On
$\dfrac{1}{r}\begin{pmatrix} \vec{e_r} & r \vec{e_ \theta} & \vec{e_z} \\ \dfrac{\partial}{\partial r} & \dfrac{\partial}{\partial \theta} & \dfrac{\partial}{\partial z} \\ V_r & r V_\theta & V_z \end{pmatrix} = \bigg(\dfrac{1}{r} \dfrac{\partial V_z}{\partial \theta} - \dfrac{\partial V_\theta}{\partial z} \bigg) \vec{e_r} + \bigg(\dfrac{\partial V_r}{\partial z} - \dfrac{\partial V_z}{\partial r} \bigg) \vec{e_\theta} + \dfrac{1}{r} \bigg( \dfrac{\partial (r V_\theta)}{\partial r} - \dfrac{\partial V_r}{\partial \theta} \bigg) \vec{e_z}$
Why in $\vec{e_z}$, ${\dfrac{\partial (r V_\theta)}{\partial r}}$ isn't simplified by $\frac{1}{r}$ as it is in $\vec{e_r}$ cordinate? (that was $\dfrac{\partial r V_\theta}{\partial z}$ before)

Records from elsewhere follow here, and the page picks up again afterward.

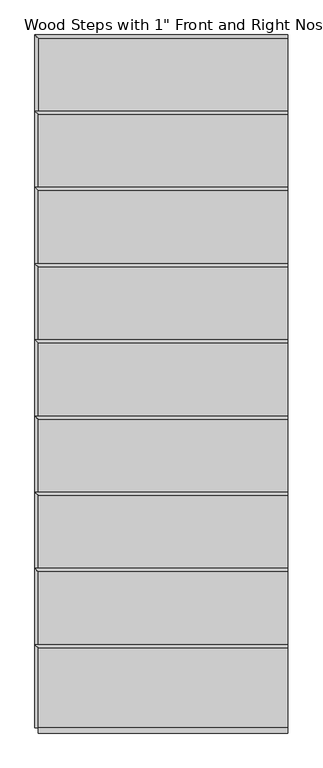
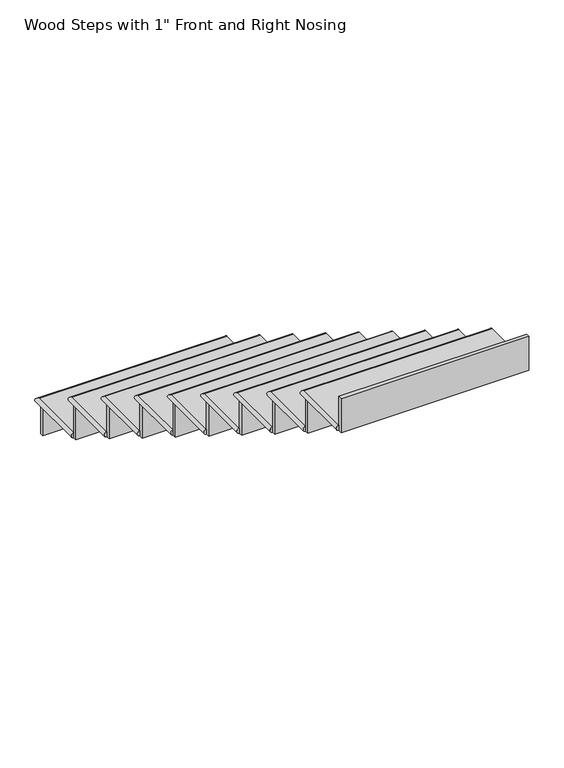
"""IFC4 building model written with IfcOpenShell, lengths in millimetres: stair flight geometry."""

from ifc_helpers import new_model, si_unit, frame, origin, place, context, project, spatial, circle_curve, ellipse_curve, faceted_brep, source, transform, mapped, element, save
from ifc_brep_helpers import plane_surface, cylinder_surface, advanced_brep


def stair_flight_06a28670(model_context):
    return source(origin(), model_context, "Body", "SolidModel", [
        advanced_brep(
        [(-6201.7730992, 2152.4297697, 148.7714286), (-6201.7730992, 2152.4297697, 174.1714286), (-6201.7730992, 2444.5297697, 174.1714286), (-6201.7730992, 2444.5297697, 148.7714286), (-5287.3730992, 2444.5297697, 174.1714286), (-5287.3730992, 2444.5297697, 148.7714286), (-5287.3730992, 2152.4297697, 174.1714286), (-5287.3730992, 2152.4297697, 148.7714286)],
        [
            (0, 1, circle_curve(frame((-6201.7730992, 2152.4297697, 161.4714286), z_axis=(0.0, 1.0, 0.0), x_axis=(1.0, 0.0, 0.0)), 12.7)),
            (1, 2),
            (2, 3, ellipse_curve(frame((-6201.7730992, 2444.5297697, 161.4714286), z_axis=(-0.7071067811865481, -0.7071067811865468, 0.0), x_axis=(0.7071067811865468, -0.7071067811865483, 0.0)), 17.9605122, 12.7)),
            (3, 0),
            (2, 4),
            (4, 5, circle_curve(frame((-5287.3730992, 2444.5297697, 161.4714286), z_axis=(-1.0, 0.0, 0.0), x_axis=(0.0, -1.0, 0.0)), 12.7)),
            (5, 3),
            (6, 4),
            (1, 6),
            (5, 7),
            (7, 0),
            (6, 7),
        ],
        [
            cylinder_surface(frame((-6201.7730992, 2152.4297697, 161.4714286), z_axis=(0.0, -1.0, 0.0), x_axis=(1.0, 0.0, 0.0)), 12.7),
            cylinder_surface(frame((-6201.7730992, 2444.5297697, 161.4714286), z_axis=(-1.0, 0.0, 0.0), x_axis=(0.0, -1.0, 0.0)), 12.7),
            plane_surface(frame((-5287.3730992, 2457.2297697, 174.1714286), z_axis=(0.0, 0.0, 1.0), x_axis=(0.0, 1.0, 0.0))),
            plane_surface(frame((-5287.3730992, 2457.2297697, 148.7714286), z_axis=(0.0, 0.0, -1.0), x_axis=(0.0, -1.0, 0.0))),
            plane_surface(frame((-5287.3730992, 2152.4297697, 174.1714286), z_axis=(1.0, 0.0, 0.0), x_axis=(0.0, 0.0, -1.0))),
            plane_surface(frame((-6201.7730992, 2152.4297697, 174.1714286), z_axis=(0.0, -1.0, 0.0), x_axis=(0.0, 0.0, -1.0))),
        ],
        [
            (0, [[1, 2, 3, 4]]),
            (1, [[-3, 5, 6, 7]]),
            (2, [[8, -5, -2, 9]]),
            (3, [[10, 11, -4, -7]]),
            (4, [[-8, 12, -10, -6]]),
            (5, [[-9, -1, -11, -12]]),
        ],
    ),
        faceted_brep([(-6201.7730992, 2431.8297697, 148.7714286), (-6201.7730992, 2431.8297697, 0.0), (-6201.7730992, 2412.7797697, 0.0), (-6201.7730992, 2412.7797697, 148.7714286), (-5287.3730992, 2431.8297697, 148.7714286), (-5287.3730992, 2412.7797697, 148.7714286), (-5287.3730992, 2412.7797697, 0.0), (-5287.3730992, 2431.8297697, 0.0)], [[[0, 1, 2, 3]], [[4, 5, 6, 7]], [[1, 0, 4, 7]], [[2, 1, 7, 6]], [[3, 2, 6, 5]], [[0, 3, 5, 4]]]),
        faceted_brep([(-6201.7730992, 2152.4297697, 322.9428571), (-6201.7730992, 2152.4297697, 148.7714286), (-6201.7730992, 2133.3797697, 148.7714286), (-6201.7730992, 2133.3797697, 322.9428571), (-5287.3730992, 2152.4297697, 322.9428571), (-5287.3730992, 2133.3797697, 322.9428571), (-5287.3730992, 2133.3797697, 148.7714286), (-5287.3730992, 2152.4297697, 148.7714286)], [[[0, 1, 2, 3]], [[4, 5, 6, 7]], [[1, 0, 4, 7]], [[2, 1, 7, 6]], [[3, 2, 6, 5]], [[0, 3, 5, 4]]]),
        advanced_brep(
        [(-5287.3730992, 1873.0297697, 348.3428571), (-5287.3730992, 2165.1297697, 348.3428571), (-6201.7730992, 2165.1297697, 348.3428571), (-6201.7730992, 1873.0297697, 348.3428571), (-5287.3730992, 2165.1297697, 322.9428571), (-5287.3730992, 1873.0297697, 322.9428571), (-6201.7730992, 1873.0297697, 322.9428571), (-6201.7730992, 2165.1297697, 322.9428571)],
        [
            (0, 1),
            (1, 2),
            (2, 3),
            (3, 0),
            (4, 5),
            (5, 6),
            (6, 7),
            (7, 4),
            (0, 5),
            (4, 1, circle_curve(frame((-5287.3730992, 2165.1297697, 335.6428571), z_axis=(1.0, 0.0, 0.0), x_axis=(0.0, -1.0, 0.0)), 12.7)),
            (3, 6, circle_curve(frame((-6201.7730992, 1873.0297697, 335.6428571), z_axis=(0.0, -1.0, 0.0), x_axis=(1.0, 0.0, 0.0)), 12.7)),
            (2, 7, ellipse_curve(frame((-6201.7730992, 2165.1297697, 335.6428571), z_axis=(-0.7071067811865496, -0.7071067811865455, 0.0), x_axis=(0.7071067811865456, -0.7071067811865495, 0.0)), 17.9605122, 12.7)),
        ],
        [
            plane_surface(frame((-5287.3730992, 2457.2297697, 348.3428571), z_axis=(0.0, 0.0, 1.0), x_axis=(0.0, 1.0, 0.0))),
            plane_surface(frame((-5287.3730992, 2457.2297697, 322.9428571), z_axis=(0.0, 0.0, -1.0), x_axis=(0.0, -1.0, 0.0))),
            plane_surface(frame((-5287.3730992, 1873.0297697, 348.3428571), z_axis=(1.0, 0.0, 0.0), x_axis=(0.0, 0.0, -1.0))),
            plane_surface(frame((-6201.7730992, 1873.0297697, 348.3428571), z_axis=(0.0, -1.0, 0.0), x_axis=(0.0, 0.0, -1.0))),
            cylinder_surface(frame((-6201.7730992, 1873.0297697, 335.6428571), z_axis=(0.0, -1.0, 0.0), x_axis=(1.0, 0.0, 0.0)), 12.7),
            cylinder_surface(frame((-6201.7730992, 2165.1297697, 335.6428571), z_axis=(-1.0, 0.0, 0.0), x_axis=(0.0, -1.0, 0.0)), 12.7),
        ],
        [
            (0, [[1, 2, 3, 4]]),
            (1, [[5, 6, 7, 8]]),
            (2, [[-1, 9, -5, 10]]),
            (3, [[-4, 11, -6, -9]]),
            (4, [[-11, -3, 12, -7]]),
            (5, [[-12, -2, -10, -8]]),
        ],
    ),
        faceted_brep([(-6201.7730992, 1873.0297697, 497.1142857), (-6201.7730992, 1873.0297697, 322.9428571), (-6201.7730992, 1853.9797697, 322.9428571), (-6201.7730992, 1853.9797697, 497.1142857), (-5287.3730992, 1873.0297697, 497.1142857), (-5287.3730992, 1853.9797697, 497.1142857), (-5287.3730992, 1853.9797697, 322.9428571), (-5287.3730992, 1873.0297697, 322.9428571)], [[[0, 1, 2, 3]], [[4, 5, 6, 7]], [[1, 0, 4, 7]], [[2, 1, 7, 6]], [[3, 2, 6, 5]], [[0, 3, 5, 4]]]),
        advanced_brep(
        [(-5287.3730992, 1593.6297697, 522.5142857), (-5287.3730992, 1885.7297697, 522.5142857), (-6201.7730992, 1885.7297697, 522.5142857), (-6201.7730992, 1593.6297697, 522.5142857), (-5287.3730992, 1885.7297697, 497.1142857), (-5287.3730992, 1593.6297697, 497.1142857), (-6201.7730992, 1593.6297697, 497.1142857), (-6201.7730992, 1885.7297697, 497.1142857)],
        [
            (0, 1),
            (1, 2),
            (2, 3),
            (3, 0),
            (4, 5),
            (5, 6),
            (6, 7),
            (7, 4),
            (0, 5),
            (4, 1, circle_curve(frame((-5287.3730992, 1885.7297697, 509.8142857), z_axis=(1.0, 0.0, 0.0), x_axis=(0.0, -1.0, 0.0)), 12.7)),
            (3, 6, circle_curve(frame((-6201.7730992, 1593.6297697, 509.8142857), z_axis=(0.0, -1.0, 0.0), x_axis=(1.0, 0.0, 0.0)), 12.7)),
            (2, 7, ellipse_curve(frame((-6201.7730992, 1885.7297697, 509.8142857), z_axis=(-0.7071067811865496, -0.7071067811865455, 0.0), x_axis=(0.7071067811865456, -0.7071067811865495, 0.0)), 17.9605122, 12.7)),
        ],
        [
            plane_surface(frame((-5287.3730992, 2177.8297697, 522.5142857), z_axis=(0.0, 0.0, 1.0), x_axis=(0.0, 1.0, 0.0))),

Your question is a little unclear but I think the answer is as follows: you've misunderstood how $\frac{1}{r}$ cancels things out. By the product rule, you have
$$ \frac{\partial}{\partial z} (r V_\theta) = r \frac{\partial V_\theta}{\partial z} + V_\theta \frac{\partial r}{\partial z}$$ $$ \frac{\partial}{\partial r} (r V_\theta) = r \frac{\partial V_\theta}{\partial r} + V_\theta \frac{\partial r}{\partial r}$$
While partial derivative notation is generally ambiguous, it's clear here from the use of the coordinate chart $(r, z, \theta)$ that $\frac{\partial}{\partial z}$ meant to be the derivative as $r$ and $\theta$ are held constant, and similarly that $\frac{\partial}{\partial r}$ is meant to be the derivative as $z$ and $\theta$ are held constant. So,
$$ \frac{\partial}{\partial z} (r V_\theta) = r \frac{\partial V_\theta}{\partial z} + V_\theta \cdot 0 = r \frac{\partial V_\theta}{\partial z}$$ $$ \frac{\partial}{\partial r} (r V_\theta) = r \frac{\partial V_\theta}{\partial r} + V_\theta \cdot 1 = r \frac{\partial V_\theta}{\partial r} + V_\theta$$
So this is why the $r$ "factors out" (so that it may be cancelled by $\frac{1}{r}$) in the partial derivative with respect to $z$. The derivative with respect to $r$ is not so simple.